» WHAT THIS TASK INVOLVES: Look over the entries and say how many lines include the word "IfcUnitAssignment". Only the number, please.

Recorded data
((
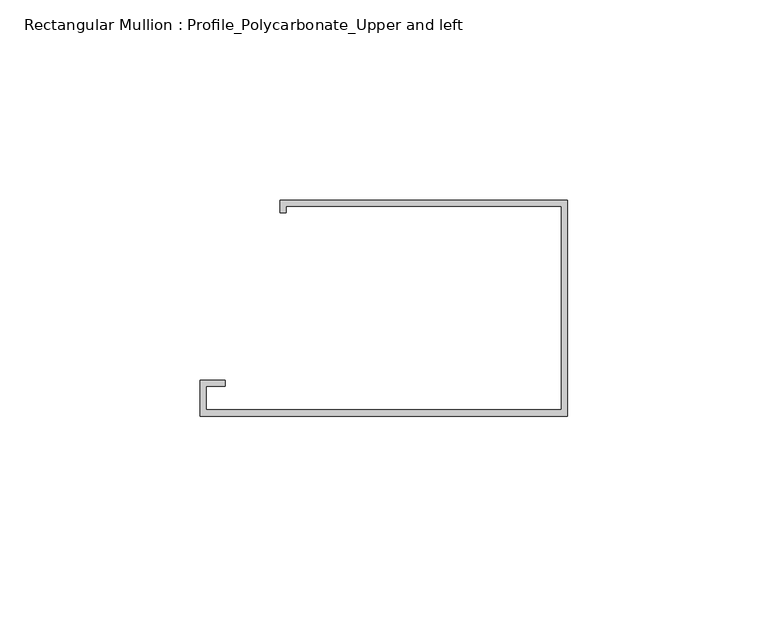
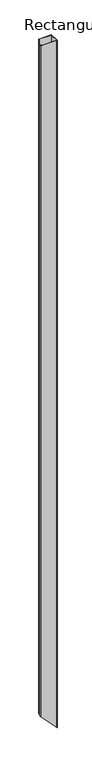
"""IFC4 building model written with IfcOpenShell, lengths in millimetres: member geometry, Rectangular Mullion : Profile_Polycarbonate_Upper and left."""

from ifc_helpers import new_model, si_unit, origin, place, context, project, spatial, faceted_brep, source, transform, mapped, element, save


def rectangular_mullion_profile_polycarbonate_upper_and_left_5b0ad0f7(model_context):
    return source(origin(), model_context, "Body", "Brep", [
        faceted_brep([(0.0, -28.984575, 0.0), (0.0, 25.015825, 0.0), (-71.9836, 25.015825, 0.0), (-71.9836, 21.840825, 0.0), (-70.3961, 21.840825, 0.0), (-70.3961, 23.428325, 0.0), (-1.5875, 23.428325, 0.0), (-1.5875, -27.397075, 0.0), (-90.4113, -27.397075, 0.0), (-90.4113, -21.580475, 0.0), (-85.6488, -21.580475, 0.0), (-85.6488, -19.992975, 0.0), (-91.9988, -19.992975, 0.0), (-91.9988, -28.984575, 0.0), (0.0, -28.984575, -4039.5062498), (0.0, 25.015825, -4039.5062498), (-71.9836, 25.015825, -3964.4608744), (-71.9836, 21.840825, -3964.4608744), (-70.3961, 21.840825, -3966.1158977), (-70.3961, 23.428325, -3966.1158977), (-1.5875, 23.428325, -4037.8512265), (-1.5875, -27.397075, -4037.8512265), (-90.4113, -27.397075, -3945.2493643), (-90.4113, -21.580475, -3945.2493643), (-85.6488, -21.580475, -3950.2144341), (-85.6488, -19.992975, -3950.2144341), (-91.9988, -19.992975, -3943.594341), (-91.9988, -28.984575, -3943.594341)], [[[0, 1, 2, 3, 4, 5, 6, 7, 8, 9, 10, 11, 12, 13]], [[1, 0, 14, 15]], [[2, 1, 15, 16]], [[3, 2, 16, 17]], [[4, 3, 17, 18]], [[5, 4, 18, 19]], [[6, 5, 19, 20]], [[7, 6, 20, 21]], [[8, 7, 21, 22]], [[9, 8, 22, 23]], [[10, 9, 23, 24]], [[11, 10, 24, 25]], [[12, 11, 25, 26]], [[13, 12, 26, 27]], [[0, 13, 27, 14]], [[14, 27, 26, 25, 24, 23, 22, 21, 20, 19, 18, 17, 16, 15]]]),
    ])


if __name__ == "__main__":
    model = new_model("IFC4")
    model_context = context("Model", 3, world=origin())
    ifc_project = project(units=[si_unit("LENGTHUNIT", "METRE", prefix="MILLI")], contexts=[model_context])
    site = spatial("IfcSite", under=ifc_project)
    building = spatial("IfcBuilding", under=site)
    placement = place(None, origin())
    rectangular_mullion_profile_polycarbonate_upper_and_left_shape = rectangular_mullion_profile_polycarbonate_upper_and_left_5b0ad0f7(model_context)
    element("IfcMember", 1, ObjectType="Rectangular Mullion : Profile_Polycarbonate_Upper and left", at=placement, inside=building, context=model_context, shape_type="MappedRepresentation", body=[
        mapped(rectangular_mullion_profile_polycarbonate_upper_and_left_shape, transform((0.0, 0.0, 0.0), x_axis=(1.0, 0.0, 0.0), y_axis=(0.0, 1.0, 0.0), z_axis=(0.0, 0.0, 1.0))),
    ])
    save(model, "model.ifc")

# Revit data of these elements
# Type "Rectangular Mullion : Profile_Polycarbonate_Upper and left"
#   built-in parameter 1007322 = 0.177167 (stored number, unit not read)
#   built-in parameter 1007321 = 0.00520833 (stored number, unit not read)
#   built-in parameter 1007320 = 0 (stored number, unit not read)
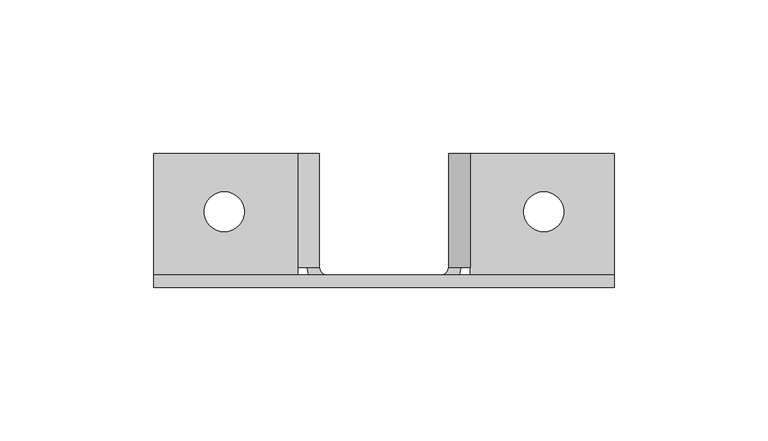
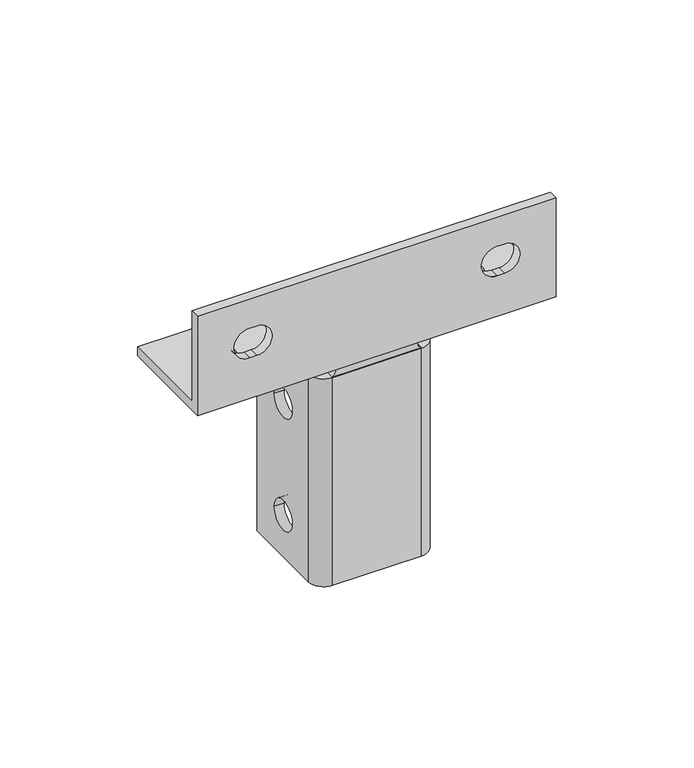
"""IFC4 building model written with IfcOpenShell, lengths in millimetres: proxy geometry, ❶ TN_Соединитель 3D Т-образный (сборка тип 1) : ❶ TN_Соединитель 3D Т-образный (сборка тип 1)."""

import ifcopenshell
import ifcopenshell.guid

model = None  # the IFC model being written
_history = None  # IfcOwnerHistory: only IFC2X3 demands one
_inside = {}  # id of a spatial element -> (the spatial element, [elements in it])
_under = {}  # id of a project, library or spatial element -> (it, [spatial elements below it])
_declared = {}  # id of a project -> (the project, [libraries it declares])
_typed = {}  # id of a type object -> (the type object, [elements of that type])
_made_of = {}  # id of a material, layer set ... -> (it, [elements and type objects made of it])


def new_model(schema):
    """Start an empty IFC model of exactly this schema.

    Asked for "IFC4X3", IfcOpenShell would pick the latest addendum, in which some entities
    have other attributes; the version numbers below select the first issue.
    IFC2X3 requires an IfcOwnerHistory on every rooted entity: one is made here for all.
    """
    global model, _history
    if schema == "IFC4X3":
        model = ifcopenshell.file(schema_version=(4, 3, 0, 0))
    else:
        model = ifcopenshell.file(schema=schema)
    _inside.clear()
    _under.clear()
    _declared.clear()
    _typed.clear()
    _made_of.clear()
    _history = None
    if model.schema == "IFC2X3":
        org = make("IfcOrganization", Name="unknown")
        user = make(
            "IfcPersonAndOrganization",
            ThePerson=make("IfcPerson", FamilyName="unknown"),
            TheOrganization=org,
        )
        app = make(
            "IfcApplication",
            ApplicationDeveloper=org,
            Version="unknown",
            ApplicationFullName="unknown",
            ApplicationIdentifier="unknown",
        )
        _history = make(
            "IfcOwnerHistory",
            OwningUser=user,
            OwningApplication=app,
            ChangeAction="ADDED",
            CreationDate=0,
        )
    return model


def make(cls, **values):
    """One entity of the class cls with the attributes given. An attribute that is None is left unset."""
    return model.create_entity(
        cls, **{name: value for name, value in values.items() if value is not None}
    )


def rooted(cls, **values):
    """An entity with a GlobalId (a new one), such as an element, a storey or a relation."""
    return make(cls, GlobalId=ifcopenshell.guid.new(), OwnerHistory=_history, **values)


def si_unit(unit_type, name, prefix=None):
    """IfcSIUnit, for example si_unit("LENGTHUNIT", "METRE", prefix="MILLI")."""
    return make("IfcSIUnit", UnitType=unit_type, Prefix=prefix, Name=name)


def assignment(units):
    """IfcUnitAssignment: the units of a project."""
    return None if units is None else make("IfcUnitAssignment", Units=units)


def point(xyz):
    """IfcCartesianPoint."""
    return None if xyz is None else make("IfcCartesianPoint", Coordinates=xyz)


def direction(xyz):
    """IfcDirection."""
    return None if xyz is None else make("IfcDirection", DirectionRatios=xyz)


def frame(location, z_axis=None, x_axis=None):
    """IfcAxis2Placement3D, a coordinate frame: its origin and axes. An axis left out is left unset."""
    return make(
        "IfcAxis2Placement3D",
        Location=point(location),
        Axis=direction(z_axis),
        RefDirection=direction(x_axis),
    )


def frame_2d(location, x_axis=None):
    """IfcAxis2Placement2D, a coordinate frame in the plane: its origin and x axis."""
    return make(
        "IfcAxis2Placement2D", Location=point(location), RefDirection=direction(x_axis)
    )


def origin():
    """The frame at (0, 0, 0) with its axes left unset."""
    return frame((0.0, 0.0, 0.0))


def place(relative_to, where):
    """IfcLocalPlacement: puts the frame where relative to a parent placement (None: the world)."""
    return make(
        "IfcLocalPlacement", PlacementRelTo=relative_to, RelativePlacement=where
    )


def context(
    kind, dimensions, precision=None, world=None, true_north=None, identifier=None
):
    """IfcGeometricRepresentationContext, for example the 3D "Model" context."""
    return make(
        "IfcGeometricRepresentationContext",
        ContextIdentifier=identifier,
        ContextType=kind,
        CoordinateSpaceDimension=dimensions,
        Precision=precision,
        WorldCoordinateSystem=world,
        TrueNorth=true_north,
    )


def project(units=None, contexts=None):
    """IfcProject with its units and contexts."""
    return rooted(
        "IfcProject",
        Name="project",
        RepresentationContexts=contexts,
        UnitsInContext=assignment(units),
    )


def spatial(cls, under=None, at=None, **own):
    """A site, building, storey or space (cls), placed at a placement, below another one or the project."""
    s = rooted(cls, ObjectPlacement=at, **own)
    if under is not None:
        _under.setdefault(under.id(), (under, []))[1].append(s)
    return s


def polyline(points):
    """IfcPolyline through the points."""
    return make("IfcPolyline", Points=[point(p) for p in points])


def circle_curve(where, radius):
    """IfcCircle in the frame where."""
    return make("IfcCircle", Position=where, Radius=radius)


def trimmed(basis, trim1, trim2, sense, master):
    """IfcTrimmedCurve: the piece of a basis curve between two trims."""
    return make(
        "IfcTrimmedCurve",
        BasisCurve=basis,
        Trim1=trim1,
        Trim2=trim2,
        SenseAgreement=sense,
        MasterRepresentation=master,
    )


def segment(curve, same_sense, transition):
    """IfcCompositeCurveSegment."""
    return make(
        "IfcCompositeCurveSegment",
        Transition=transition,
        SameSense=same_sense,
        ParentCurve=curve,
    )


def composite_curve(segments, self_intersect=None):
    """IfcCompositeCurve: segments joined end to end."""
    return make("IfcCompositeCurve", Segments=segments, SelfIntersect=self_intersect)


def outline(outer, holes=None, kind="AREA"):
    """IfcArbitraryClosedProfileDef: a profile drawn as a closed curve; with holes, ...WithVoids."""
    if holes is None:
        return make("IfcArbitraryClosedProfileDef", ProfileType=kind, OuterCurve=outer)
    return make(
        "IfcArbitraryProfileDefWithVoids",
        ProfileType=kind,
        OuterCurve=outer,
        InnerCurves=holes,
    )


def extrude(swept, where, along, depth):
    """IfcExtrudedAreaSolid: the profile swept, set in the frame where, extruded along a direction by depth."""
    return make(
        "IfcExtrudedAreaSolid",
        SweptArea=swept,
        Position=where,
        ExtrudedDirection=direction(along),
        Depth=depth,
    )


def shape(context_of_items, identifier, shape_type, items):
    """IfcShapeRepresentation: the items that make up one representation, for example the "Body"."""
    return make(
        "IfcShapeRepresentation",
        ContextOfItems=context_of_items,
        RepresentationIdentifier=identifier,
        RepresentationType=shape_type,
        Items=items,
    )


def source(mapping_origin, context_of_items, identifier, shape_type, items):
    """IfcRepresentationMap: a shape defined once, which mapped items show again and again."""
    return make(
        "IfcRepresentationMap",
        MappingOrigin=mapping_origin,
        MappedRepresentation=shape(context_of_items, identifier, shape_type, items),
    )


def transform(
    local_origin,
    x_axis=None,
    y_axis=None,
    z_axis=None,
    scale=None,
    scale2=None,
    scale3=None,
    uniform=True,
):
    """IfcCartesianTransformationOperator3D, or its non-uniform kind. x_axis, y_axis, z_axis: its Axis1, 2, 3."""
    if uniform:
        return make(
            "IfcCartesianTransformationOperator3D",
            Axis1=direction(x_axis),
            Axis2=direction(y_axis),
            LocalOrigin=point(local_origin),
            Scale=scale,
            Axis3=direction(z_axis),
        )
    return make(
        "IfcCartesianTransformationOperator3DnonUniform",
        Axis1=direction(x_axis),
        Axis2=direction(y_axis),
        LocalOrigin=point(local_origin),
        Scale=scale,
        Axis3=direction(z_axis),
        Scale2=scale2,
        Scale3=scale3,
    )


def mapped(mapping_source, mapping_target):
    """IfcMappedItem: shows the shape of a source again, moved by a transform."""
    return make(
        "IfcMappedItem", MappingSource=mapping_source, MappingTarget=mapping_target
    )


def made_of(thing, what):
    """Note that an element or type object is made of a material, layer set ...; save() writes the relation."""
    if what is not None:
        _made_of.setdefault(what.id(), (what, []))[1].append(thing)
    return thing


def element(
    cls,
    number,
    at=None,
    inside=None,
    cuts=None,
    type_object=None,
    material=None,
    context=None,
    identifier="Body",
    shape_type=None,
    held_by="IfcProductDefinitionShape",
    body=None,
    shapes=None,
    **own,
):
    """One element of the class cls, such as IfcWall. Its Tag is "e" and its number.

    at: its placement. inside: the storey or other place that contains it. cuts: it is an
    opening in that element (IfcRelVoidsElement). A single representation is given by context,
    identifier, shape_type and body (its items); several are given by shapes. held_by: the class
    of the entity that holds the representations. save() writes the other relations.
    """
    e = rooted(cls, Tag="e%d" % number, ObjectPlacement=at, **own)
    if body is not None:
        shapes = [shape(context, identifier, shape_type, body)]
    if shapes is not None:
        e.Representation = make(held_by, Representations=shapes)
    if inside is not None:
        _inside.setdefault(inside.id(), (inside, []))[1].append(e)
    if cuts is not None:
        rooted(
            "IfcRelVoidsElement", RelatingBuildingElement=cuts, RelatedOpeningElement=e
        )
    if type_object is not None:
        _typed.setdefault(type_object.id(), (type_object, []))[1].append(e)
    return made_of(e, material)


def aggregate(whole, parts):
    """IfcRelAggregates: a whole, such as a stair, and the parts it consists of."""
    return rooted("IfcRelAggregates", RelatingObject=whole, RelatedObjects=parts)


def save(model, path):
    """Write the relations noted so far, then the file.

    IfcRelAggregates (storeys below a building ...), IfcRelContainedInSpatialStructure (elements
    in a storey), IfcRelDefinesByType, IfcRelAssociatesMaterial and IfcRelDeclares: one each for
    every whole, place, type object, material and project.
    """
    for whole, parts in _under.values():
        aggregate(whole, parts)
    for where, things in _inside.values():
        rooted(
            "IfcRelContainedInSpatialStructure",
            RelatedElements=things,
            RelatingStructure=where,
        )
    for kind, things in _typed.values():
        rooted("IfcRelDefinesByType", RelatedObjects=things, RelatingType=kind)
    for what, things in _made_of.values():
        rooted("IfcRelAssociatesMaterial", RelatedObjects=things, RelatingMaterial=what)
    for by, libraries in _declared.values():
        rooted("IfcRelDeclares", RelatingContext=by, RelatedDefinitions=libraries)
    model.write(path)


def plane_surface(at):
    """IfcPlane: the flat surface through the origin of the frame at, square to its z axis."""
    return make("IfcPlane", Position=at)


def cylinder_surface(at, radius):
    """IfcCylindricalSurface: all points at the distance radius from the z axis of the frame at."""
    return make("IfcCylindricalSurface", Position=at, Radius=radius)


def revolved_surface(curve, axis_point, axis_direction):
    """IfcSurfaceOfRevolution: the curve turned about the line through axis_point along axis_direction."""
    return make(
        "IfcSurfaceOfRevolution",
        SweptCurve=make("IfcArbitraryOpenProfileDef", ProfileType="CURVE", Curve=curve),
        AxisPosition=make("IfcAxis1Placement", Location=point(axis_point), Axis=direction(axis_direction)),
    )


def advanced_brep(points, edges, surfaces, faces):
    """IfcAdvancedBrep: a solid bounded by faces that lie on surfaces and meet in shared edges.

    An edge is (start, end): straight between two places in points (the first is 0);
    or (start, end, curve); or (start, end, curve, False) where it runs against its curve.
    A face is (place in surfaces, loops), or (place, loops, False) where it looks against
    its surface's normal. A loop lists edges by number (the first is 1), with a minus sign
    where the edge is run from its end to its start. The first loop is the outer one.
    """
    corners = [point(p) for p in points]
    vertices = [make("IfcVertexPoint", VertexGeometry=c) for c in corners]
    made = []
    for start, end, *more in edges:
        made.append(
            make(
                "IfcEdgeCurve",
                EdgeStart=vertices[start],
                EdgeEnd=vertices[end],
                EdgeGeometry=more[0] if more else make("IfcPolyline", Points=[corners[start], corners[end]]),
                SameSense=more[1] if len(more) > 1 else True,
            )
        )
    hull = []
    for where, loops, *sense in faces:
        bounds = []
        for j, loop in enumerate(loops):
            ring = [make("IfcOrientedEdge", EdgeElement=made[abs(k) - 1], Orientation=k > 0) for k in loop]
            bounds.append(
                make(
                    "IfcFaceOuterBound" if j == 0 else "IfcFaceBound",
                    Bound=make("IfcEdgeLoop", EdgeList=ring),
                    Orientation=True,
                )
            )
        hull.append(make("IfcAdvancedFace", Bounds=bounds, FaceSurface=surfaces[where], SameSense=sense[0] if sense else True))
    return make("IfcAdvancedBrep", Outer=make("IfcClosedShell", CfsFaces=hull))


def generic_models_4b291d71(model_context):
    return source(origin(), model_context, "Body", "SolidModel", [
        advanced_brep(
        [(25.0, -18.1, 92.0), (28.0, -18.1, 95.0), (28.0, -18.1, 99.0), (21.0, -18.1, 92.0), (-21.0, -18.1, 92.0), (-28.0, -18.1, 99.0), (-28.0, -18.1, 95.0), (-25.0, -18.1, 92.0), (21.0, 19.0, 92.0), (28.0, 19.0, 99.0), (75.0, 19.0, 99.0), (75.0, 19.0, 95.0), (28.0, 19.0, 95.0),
))
» WRITTEN SOLUTION: 2